BEGIN Available records
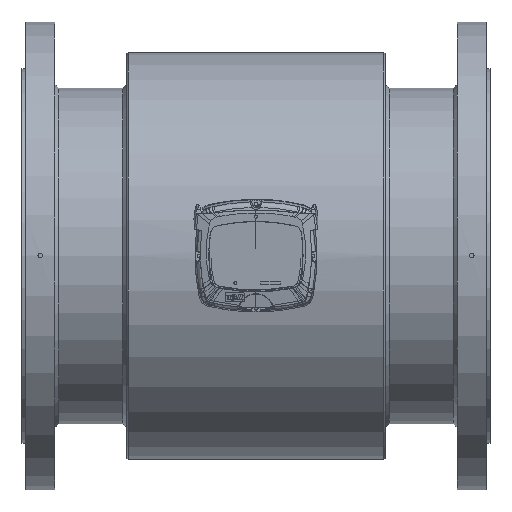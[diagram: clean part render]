
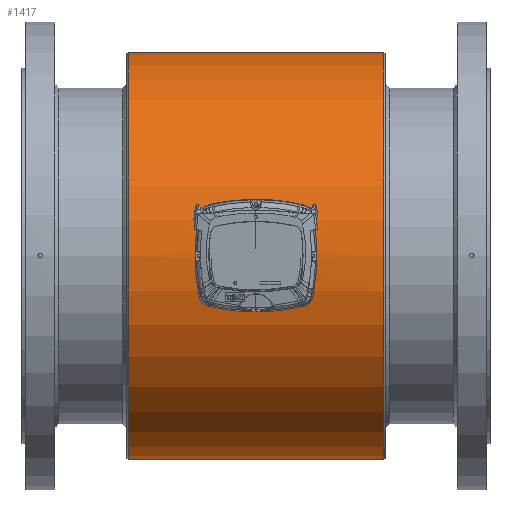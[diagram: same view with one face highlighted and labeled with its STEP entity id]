
A CAD part, top view. The second image highlights one B-rep face of the part: STEP entity #1417.
In plain terms, the highlighted cylindrical face has radius 261 mm (diameter 522 mm), a full revolution.
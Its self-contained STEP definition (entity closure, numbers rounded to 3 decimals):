
#1352=CARTESIAN_POINT('',(0.,-11.498,260.747));
#1353=VERTEX_POINT('',#1352);
#1363=CARTESIAN_POINT('',(0.,-11.499,260.747));
#1364=CARTESIAN_POINT('',(1.737,-11.499,260.747));
#1365=CARTESIAN_POINT('',(5.211,-10.713,260.783));
#1366=CARTESIAN_POINT('',(9.39,-7.415,260.906));
#1367=CARTESIAN_POINT('',(11.708,-2.647,261.004));
#1368=CARTESIAN_POINT('',(11.708,2.648,261.004));
#1369=CARTESIAN_POINT('',(9.388,7.413,260.906));
#1370=CARTESIAN_POINT('',(4.747,11.085,260.768));
#1371=CARTESIAN_POINT('',(-0.04,11.804,260.733));
#1372=CARTESIAN_POINT('',(-3.436,11.028,260.767));
#1373=CARTESIAN_POINT('',(-6.684,9.774,260.819));
#1374=CARTESIAN_POINT('',(-9.781,6.918,260.922));
#1375=CARTESIAN_POINT('',(-11.705,2.056,261.004));
#1376=CARTESIAN_POINT('',(-11.709,-2.645,261.004));
#1377=CARTESIAN_POINT('',(-9.389,-7.416,260.906));
#1378=CARTESIAN_POINT('',(-5.211,-10.713,260.783));
#1379=CARTESIAN_POINT('',(-1.737,-11.499,260.747));
#1380=CARTESIAN_POINT('',(0.,-11.499,260.747));
#1381=B_SPLINE_CURVE_WITH_KNOTS('',3,(#1363,#1364,#1365,#1366,#1367,#1368,#1369,#1370,#1371,#1372,#1373,#1374,#1375,#1376,#1377,#1378,#1379,#1380),.UNSPECIFIED.,.T.,.U.,(4,1,1,1,1,1,1,1,1,1,1,1,1,1,1,4),(-7.264,-6.745,-6.226,-5.707,-5.189,-4.67,-4.151,-3.459,-3.286,-3.113,-2.421,-2.075,-1.557,-1.038,-0.519,0.0),.UNSPECIFIED.);
#1382=EDGE_CURVE('',#1353,#1353,#1381,.T.);
#1387=CARTESIAN_POINT('',(82.0,0.0,0.0));
#1388=DIRECTION('',(1.0,0.0,0.0));
#1389=DIRECTION('',(0.0,1.0,0.0));
#1390=AXIS2_PLACEMENT_3D('',#1387,#1388,#1389);
#1391=CYLINDRICAL_SURFACE('',#1390,261.0);
#1392=CARTESIAN_POINT('',(-164.,261.0,0.0));
#1393=VERTEX_POINT('',#1392);
#1394=CARTESIAN_POINT('',(-164.,0.0,0.0));
#1395=DIRECTION('',(1.0,0.0,0.0));
#1396=DIRECTION('',(0.0,1.0,0.0));
#1397=AXIS2_PLACEMENT_3D('',#1394,#1395,#1396);
#1398=CIRCLE('',#1397,261.0);
#1399=EDGE_CURVE('',#1393,#1393,#1398,.T.);
#1400=ORIENTED_EDGE('',*,*,#1399,.T.);
#1401=EDGE_LOOP('',(#1400));
#1402=FACE_OUTER_BOUND('',#1401,.T.);
#1403=CARTESIAN_POINT('',(164.,261.0,0.0));
#1404=VERTEX_POINT('',#1403);
#1405=CARTESIAN_POINT('',(164.,0.0,0.0));
#1406=DIRECTION('',(1.0,0.0,0.0));
#1407=DIRECTION('',(0.0,1.0,0.0));
#1408=AXIS2_PLACEMENT_3D('',#1405,#1406,#1407);
#1409=CIRCLE('',#1408,261.0);
#1410=EDGE_CURVE('',#1404,#1404,#1409,.T.);
#1411=ORIENTED_EDGE('',*,*,#1410,.F.);
#1412=EDGE_LOOP('',(#1411));
#1413=FACE_BOUND('',#1412,.T.);
#1414=ORIENTED_EDGE('',*,*,#1382,.F.);
#1415=EDGE_LOOP('',(#1414));
#1416=FACE_BOUND('',#1415,.T.);
#1417=ADVANCED_FACE('',(#1402,#1413,#1416),#1391,.T.);
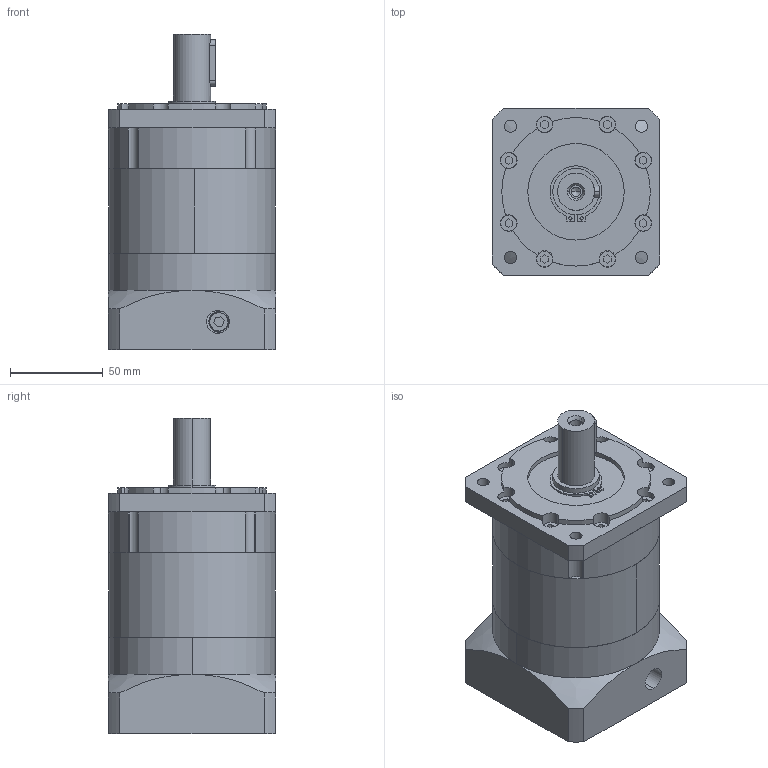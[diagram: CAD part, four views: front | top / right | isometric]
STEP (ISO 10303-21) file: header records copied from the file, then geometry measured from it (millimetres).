
FILE_DESCRIPTION (( 'STEP AP203' ), '1' );
FILE_NAME ('PLF090-L2-19-80-100.STEP', '2025-03-12T09:42:17', ( 'Windows User' ), ( 'P R C' ), 'SwSTEP 2.0', 'SolidWorks 2016', '' );
FILE_SCHEMA (( 'CONFIG_CONTROL_DESIGN' ));
Length unit declared in the file: millimetre
Products named in the file (8): PLF090-L2-19-80-100; PLF90 蟀諉啣-80-M5-100_D8-70 D9-90 D10-M5 A2-90 L4-32 L6-47(32+15) L7-6 R-59.5梓袧; PLF90 內齿圈-优化_二级内齿圈; PLF90 奻屳唳_梓袧; PLF90 狟屳唳_D6-90 D7-19 梓袧; 囀鞠褒蹟佪 M6x20; 邧埴瑩 6x6x25; 粣創-6007 35x62x14
Assembly tree (7 placements, depth 2):
  PLF090-L2-19-80-100
    PLF90 蟀諉啣-80-M5-100_D8-70 D9-90 D10-M5 A2-90 L4-32 L6-47(32+15) L7-6 R-59.5梓袧
    PLF90 內齿圈-优化_二级内齿圈
    PLF90 奻屳唳_梓袧
    PLF90 狟屳唳_D6-90 D7-19 梓袧
    囀鞠褒蹟佪 M6x20
    邧埴瑩 6x6x25
    粣創-6007 35x62x14
Bounding box: 90 x 90 x 170 mm (x, y, z)
Volume: 803508.5 mm3; surface area: 145491.8 mm2
Topology: 7 solids, 7 shells, 1084 faces, 2923 edges, 1932 vertices
Faces by surface type: plane 568, bspline 304, cylinder 198, cone 14
Entity records: 47132 total; most frequent: CARTESIAN_POINT 20756, ORIENTED_EDGE 5826, DIRECTION 4430, EDGE_CURVE 2913, VERTEX_POINT 1932, VECTOR 1594, LINE 1594, AXIS2_PLACEMENT_3D 1418
END Available records
--- Exercise objective ---
In your copy, please omit the pictures and print every line of the records exactly.

--- Answer section ---
[diagram: clean part render]
[diagram: same view with one face highlighted and labeled with its STEP entity id]
A CAD part, top view. The second image highlights one B-rep face of the part: STEP entity #1417.
In plain terms, the highlighted cylindrical face has radius 261 mm (diameter 522 mm), a full revolution.
Its self-contained STEP definition (entity closure, numbers rounded to 3 decimals):
#1352=CARTESIAN_POINT('',(0.,-11.498,260.747));
#1353=VERTEX_POINT('',#1352);
#1363=CARTESIAN_POINT('',(0.,-11.499,260.747));
#1364=CARTESIAN_POINT('',(1.737,-11.499,260.747));
#1365=CARTESIAN_POINT('',(5.211,-10.713,260.783));
#1366=CARTESIAN_POINT('',(9.39,-7.415,260.906));
#1367=CARTESIAN_POINT('',(11.708,-2.647,261.004));
#1368=CARTESIAN_POINT('',(11.708,2.648,261.004));
#1369=CARTESIAN_POINT('',(9.388,7.413,260.906));
#1370=CARTESIAN_POINT('',(4.747,11.085,260.768));
#1371=CARTESIAN_POINT('',(-0.04,11.804,260.733));
#1372=CARTESIAN_POINT('',(-3.436,11.028,260.767));
#1373=CARTESIAN_POINT('',(-6.684,9.774,260.819));
#1374=CARTESIAN_POINT('',(-9.781,6.918,260.922));
#1375=CARTESIAN_POINT('',(-11.705,2.056,261.004));
#1376=CARTESIAN_POINT('',(-11.709,-2.645,261.004));
#1377=CARTESIAN_POINT('',(-9.389,-7.416,260.906));
#1378=CARTESIAN_POINT('',(-5.211,-10.713,260.783));
#1379=CARTESIAN_POINT('',(-1.737,-11.499,260.747));
#1380=CARTESIAN_POINT('',(0.,-11.499,260.747));
#1381=B_SPLINE_CURVE_WITH_KNOTS('',3,(#1363,#1364,#1365,#1366,#1367,#1368,#1369,#1370,#1371,#1372,#1373,#1374,#1375,#1376,#1377,#1378,#1379,#1380),.UNSPECIFIED.,.T.,.U.,(4,1,1,1,1,1,1,1,1,1,1,1,1,1,1,4),(-7.264,-6.745,-6.226,-5.707,-5.189,-4.67,-4.151,-3.459,-3.286,-3.113,-2.421,-2.075,-1.557,-1.038,-0.519,0.0),.UNSPECIFIED.);
#1382=EDGE_CURVE('',#1353,#1353,#1381,.T.);
#1387=CARTESIAN_POINT('',(82.0,0.0,0.0));
#1388=DIRECTION('',(1.0,0.0,0.0));
#1389=DIRECTION('',(0.0,1.0,0.0));
#1390=AXIS2_PLACEMENT_3D('',#1387,#1388,#1389);
#1391=CYLINDRICAL_SURFACE('',#1390,261.0);
#1392=CARTESIAN_POINT('',(-164.,261.0,0.0));
#1393=VERTEX_POINT('',#1392);
#1394=CARTESIAN_POINT('',(-164.,0.0,0.0));
#1395=DIRECTION('',(1.0,0.0,0.0));
#1396=DIRECTION('',(0.0,1.0,0.0));
#1397=AXIS2_PLACEMENT_3D('',#1394,#1395,#1396);
#1398=CIRCLE('',#1397,261.0);
#1399=EDGE_CURVE('',#1393,#1393,#1398,.T.);
#1400=ORIENTED_EDGE('',*,*,#1399,.T.);
#1401=EDGE_LOOP('',(#1400));
#1402=FACE_OUTER_BOUND('',#1401,.T.);
#1403=CARTESIAN_POINT('',(164.,261.0,0.0));
#1404=VERTEX_POINT('',#1403);
#1405=CARTESIAN_POINT('',(164.,0.0,0.0));
#1406=DIRECTION('',(1.0,0.0,0.0));
#1407=DIRECTION('',(0.0,1.0,0.0));
#1408=AXIS2_PLACEMENT_3D('',#1405,#1406,#1407);
#1409=CIRCLE('',#1408,261.0);
#1410=EDGE_CURVE('',#1404,#1404,#1409,.T.);
#1411=ORIENTED_EDGE('',*,*,#1410,.F.);
#1412=EDGE_LOOP('',(#1411));
#1413=FACE_BOUND('',#1412,.T.);
#1414=ORIENTED_EDGE('',*,*,#1382,.F.);
#1415=EDGE_LOOP('',(#1414));
#1416=FACE_BOUND('',#1415,.T.);
#1417=ADVANCED_FACE('',(#1402,#1413,#1416),#1391,.T.);
[diagram: CAD part, four views: front | top / right | isometric]
STEP (ISO 10303-21) file: header records copied from the file, then geometry measured from it (millimetres).
FILE_DESCRIPTION (( 'STEP AP203' ), '1' );
FILE_NAME ('PLF090-L2-19-80-100.STEP', '2025-03-12T09:42:17', ( 'Windows User' ), ( 'P R C' ), 'SwSTEP 2.0', 'SolidWorks 2016', '' );
FILE_SCHEMA (( 'CONFIG_CONTROL_DESIGN' ));
Length unit declared in the file: millimetre
Products named in the file (8): PLF090-L2-19-80-100; PLF90 蟀諉啣-80-M5-100_D8-70 D9-90 D10-M5 A2-90 L4-32 L6-47(32+15) L7-6 R-59.5梓袧; PLF90 內齿圈-优化_二级内齿圈; PLF90 奻屳唳_梓袧; PLF90 狟屳唳_D6-90 D7-19 梓袧; 囀鞠褒蹟佪 M6x20; 邧埴瑩 6x6x25; 粣創-6007 35x62x14
Assembly tree (7 placements, depth 2):
  PLF090-L2-19-80-100
    PLF90 蟀諉啣-80-M5-100_D8-70 D9-90 D10-M5 A2-90 L4-32 L6-47(32+15) L7-6 R-59.5梓袧
    PLF90 內齿圈-优化_二级内齿圈
    PLF90 奻屳唳_梓袧
    PLF90 狟屳唳_D6-90 D7-19 梓袧
    囀鞠褒蹟佪 M6x20
    邧埴瑩 6x6x25
    粣創-6007 35x62x14
Bounding box: 90 x 90 x 170 mm (x, y, z)
Volume: 803508.5 mm3; surface area: 145491.8 mm2
Topology: 7 solids, 7 shells, 1084 faces, 2923 edges, 1932 vertices
Faces by surface type: plane 568, bspline 304, cylinder 198, cone 14
Entity records: 47132 total; most frequent: CARTESIAN_POINT 20756, ORIENTED_EDGE 5826, DIRECTION 4430, EDGE_CURVE 2913, VERTEX_POINT 1932, VECTOR 1594, LINE 1594, AXIS2_PLACEMENT_3D 1418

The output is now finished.